Over her career she collected at least 211 specimens and identified 539 that are in formal herbaria or culture collections. She also had the species Phoma laundoniae named in her honour.

== Trans Activism ==
Laundon was an early member of "Hedesthia," one of the first recorded trans organisations in New Zealand (founded 1972). She was an active member, often writing into Hedesthia's newsletter, initially called S-E-L-F and later Trans-Scribe. In an article written in 1976, Laundon explained how internalised queerphobia - which she defines as the "fairly common belief that intersexuals, transsexuals, transvestites, fetishists and homosexuals are all one and the same thing, and are all 'disgusting'" - often caused trans people to isolate themselves. She emphasised the importance of trans friendships:Simply to meet others and see just how normal and decent they really are, and to see what they have achieved in bringing out their real selves, can be a revelation, and this can help towards self-acceptance, which, if you think about it, may be YOUR greatest problem. Laundon also underlined the lengths Hedesthia went to, to preserve their members' privacy - this included an extensive vetting process.

=== TransFormation ===
Hedesthia was primarily a social organisation, and Laundon felt that there was a need for a "bureau of information" specifically geared towards supporting transsexuals. Working under the name Gillian Cox, Laundon and her wife Margaret Cox founded "TransFormation," in 1976.
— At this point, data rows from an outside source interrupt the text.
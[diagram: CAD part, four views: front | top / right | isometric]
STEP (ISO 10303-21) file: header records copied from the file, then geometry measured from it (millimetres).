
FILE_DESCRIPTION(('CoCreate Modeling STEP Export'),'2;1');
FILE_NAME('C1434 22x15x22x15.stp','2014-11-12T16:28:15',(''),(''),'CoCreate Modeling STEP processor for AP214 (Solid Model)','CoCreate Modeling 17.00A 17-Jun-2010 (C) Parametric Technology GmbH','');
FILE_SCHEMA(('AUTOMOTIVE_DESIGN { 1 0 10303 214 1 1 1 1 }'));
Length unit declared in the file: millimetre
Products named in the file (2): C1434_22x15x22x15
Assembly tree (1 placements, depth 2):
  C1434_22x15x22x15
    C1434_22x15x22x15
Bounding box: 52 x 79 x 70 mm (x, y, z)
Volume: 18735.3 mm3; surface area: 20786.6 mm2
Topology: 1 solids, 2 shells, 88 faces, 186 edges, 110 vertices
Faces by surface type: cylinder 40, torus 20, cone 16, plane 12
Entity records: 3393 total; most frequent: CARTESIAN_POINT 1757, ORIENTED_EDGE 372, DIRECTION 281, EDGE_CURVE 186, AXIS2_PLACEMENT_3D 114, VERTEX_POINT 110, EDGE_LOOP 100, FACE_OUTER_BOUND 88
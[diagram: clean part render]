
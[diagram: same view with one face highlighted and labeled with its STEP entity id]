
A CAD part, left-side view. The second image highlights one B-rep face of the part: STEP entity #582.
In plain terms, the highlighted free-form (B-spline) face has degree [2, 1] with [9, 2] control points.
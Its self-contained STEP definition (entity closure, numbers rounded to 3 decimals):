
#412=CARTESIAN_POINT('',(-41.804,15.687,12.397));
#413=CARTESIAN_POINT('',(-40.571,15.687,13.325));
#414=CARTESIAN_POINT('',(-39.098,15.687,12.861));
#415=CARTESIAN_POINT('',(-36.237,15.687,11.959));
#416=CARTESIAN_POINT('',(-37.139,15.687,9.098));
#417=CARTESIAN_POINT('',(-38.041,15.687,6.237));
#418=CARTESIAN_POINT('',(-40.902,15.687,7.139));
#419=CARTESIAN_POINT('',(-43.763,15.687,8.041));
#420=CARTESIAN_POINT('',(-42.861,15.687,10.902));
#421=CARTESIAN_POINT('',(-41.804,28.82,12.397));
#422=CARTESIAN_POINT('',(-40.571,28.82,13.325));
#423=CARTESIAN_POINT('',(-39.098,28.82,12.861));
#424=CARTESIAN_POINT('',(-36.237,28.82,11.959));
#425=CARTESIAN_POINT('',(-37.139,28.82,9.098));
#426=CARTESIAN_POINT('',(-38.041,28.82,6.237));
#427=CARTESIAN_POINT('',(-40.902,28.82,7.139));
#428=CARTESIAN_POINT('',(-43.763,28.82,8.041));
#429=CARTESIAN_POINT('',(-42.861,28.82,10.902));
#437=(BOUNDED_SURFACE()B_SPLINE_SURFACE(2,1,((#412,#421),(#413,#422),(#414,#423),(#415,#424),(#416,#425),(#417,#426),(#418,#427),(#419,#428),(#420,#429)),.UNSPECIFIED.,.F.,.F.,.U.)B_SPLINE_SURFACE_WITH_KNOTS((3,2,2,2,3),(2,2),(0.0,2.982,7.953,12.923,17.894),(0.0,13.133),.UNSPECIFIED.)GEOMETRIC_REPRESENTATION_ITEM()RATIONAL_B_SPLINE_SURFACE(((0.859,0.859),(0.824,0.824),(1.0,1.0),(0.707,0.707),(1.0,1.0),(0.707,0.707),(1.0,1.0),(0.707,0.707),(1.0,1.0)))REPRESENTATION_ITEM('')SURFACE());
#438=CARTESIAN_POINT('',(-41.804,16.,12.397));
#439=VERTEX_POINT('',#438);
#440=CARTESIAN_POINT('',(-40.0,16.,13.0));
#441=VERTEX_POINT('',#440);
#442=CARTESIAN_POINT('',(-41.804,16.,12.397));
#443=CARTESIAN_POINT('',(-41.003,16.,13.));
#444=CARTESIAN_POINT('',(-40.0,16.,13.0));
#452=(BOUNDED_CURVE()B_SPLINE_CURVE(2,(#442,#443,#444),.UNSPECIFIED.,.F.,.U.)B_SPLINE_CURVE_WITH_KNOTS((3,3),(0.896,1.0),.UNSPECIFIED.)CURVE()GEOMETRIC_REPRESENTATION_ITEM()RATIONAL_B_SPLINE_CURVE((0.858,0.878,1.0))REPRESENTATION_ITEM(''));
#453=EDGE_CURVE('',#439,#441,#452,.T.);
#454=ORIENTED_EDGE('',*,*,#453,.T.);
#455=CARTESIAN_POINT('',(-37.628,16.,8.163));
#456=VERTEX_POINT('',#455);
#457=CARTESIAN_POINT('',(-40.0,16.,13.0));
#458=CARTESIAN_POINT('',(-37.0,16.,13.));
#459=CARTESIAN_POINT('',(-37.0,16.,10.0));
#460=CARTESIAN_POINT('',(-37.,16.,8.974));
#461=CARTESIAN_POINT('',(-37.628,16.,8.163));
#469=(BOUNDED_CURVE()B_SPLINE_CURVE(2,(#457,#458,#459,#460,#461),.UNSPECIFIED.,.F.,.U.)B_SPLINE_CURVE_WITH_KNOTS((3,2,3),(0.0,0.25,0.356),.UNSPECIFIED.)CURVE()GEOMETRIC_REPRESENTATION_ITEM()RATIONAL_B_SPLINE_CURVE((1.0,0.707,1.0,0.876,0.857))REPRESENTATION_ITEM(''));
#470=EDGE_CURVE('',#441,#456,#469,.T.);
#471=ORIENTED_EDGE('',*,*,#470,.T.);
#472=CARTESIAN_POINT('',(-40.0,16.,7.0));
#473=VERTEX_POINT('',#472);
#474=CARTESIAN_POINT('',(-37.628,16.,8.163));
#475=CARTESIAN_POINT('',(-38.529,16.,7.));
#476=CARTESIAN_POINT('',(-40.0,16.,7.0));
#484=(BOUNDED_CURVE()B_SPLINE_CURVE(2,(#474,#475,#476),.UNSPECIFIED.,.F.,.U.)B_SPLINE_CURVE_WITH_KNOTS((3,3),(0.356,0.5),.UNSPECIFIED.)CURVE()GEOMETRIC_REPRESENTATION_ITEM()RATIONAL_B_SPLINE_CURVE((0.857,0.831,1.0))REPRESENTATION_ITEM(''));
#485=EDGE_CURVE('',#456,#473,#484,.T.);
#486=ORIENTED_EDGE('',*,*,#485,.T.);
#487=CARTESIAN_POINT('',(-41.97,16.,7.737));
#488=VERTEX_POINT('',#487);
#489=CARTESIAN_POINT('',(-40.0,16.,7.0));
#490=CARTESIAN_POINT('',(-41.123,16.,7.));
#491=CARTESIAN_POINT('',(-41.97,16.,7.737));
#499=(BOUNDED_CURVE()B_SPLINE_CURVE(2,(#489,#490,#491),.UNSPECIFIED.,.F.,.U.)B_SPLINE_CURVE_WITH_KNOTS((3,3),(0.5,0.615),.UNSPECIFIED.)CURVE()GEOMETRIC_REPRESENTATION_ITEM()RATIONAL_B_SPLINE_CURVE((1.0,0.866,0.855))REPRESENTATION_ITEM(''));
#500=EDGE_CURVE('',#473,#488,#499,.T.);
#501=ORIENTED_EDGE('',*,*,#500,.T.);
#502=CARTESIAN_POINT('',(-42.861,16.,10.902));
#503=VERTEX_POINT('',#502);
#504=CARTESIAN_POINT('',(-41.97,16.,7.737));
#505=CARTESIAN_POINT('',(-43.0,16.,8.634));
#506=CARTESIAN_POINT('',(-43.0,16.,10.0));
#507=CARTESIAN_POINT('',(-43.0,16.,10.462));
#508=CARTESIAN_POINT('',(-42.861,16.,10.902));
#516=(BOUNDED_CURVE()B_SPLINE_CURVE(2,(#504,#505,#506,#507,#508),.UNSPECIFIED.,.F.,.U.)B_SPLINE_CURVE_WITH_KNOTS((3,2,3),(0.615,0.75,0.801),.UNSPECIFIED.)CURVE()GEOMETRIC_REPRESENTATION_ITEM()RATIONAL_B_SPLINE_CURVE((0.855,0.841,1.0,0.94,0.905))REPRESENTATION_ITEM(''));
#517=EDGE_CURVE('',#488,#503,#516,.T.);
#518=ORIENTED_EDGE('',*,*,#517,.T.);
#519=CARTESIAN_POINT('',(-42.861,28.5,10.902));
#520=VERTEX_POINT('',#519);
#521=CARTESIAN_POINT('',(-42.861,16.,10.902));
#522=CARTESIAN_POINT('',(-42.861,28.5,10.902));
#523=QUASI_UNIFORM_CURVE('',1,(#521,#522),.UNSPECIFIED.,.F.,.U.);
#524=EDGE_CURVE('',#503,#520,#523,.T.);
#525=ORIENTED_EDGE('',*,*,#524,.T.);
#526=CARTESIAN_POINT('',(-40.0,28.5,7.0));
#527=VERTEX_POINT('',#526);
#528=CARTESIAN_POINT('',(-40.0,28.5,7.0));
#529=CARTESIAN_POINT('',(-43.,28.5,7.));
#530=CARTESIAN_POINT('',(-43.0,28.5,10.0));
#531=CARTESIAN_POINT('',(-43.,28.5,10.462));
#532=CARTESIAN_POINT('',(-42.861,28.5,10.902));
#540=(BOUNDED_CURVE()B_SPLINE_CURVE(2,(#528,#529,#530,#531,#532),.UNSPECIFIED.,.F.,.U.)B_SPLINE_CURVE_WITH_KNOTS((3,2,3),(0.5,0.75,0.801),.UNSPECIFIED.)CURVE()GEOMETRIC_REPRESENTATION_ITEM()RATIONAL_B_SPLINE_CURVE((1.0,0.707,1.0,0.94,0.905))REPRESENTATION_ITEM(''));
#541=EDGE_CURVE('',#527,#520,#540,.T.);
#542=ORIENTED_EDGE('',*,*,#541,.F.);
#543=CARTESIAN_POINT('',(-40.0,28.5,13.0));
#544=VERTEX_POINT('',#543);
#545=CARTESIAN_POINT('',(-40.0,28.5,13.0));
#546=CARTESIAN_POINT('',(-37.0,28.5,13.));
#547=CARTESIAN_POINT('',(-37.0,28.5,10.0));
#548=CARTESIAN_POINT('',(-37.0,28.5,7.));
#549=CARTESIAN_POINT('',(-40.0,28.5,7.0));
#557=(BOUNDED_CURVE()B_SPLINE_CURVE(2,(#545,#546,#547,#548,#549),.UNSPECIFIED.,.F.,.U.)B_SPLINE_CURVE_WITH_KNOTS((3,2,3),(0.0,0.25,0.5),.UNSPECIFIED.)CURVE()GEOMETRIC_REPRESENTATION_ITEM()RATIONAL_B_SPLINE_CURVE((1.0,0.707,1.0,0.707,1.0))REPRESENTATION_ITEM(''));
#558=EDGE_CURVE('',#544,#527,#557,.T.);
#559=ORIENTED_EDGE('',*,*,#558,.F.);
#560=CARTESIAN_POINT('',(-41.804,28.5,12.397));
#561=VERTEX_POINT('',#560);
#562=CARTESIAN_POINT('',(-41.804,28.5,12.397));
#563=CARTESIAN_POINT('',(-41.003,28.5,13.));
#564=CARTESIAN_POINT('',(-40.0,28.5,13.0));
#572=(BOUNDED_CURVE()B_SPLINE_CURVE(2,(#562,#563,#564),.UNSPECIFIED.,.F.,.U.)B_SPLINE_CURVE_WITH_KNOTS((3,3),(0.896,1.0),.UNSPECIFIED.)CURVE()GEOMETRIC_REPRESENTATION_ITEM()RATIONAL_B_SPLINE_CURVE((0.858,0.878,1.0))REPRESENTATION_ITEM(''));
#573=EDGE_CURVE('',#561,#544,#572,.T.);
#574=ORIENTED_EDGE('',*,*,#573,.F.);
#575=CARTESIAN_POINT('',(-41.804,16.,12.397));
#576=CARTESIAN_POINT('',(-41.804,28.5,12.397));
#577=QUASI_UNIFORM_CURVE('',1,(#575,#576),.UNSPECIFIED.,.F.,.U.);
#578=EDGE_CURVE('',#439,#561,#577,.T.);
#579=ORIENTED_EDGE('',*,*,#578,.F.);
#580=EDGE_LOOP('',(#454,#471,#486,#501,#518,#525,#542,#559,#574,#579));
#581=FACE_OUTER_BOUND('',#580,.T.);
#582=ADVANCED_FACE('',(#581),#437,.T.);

TransFormation and Hedesthia worked closely alongside one another, sharing information and resources, as well as teaming up to send publicity and form relationships with a variety of organisations across the country, including gay activist and social groups, public libraries, universities, and various community support organisations. Laundon and Cox were encouraged by a grant of $50 from the Mental Health Foundation in 1977, which while not a large sum, provided the "first 'Official' recognition of the integrity of our service."

Cox passed her TransFormation duties on to the rest of the Hedesthia collective in 1980. When she died in 1984, her obituary in Trans-Scribe noted she would be sadly missed by many:Her work in the field of Transsexualism was well respected throughout the world and the many letters that we receive annually attest to the esteem in which she is held by the numerous Transsexuals to whom she offered comfort and advice through her leaflets and correspondence.

=== Coming Out ===
In 1977, in a highly unusual step at the time, Laundon publicly announced her gender transition in a scientific journal, taking the name Gillian Fiona Laundon, while still continuing with her research. Throughout this transition she had the support of her wife and their children and colleagues.

Laundon was working as a public servant during this time, and with support from the Public Services Association (PSA), she successfully lobbied the State Services Commission (SSC) for access to all women's bathrooms in her department. Although a minority of her coworkers opposed this, she generally enjoyed "tremendous support." By 1978 she had won her case, however the SSC did not implement any guidelines, and discrimination was still rife in the public service. Writing in the PSA's Public Service Journal, Laundon expressed dismay that another colleague should be subjected to a vote by her colleagues over whether she should be able to use the women's toilets:No doubt her colleagues will say 'what about our rights?' But how does a transexual's use of the female facilities threaten them in any significant way. They on the other hand threaten her sanity, and perhaps even her very life through their attitudes towards her.Laundon sought to educate her colleagues about the prejudice trans people faced, and implored them to show compassion.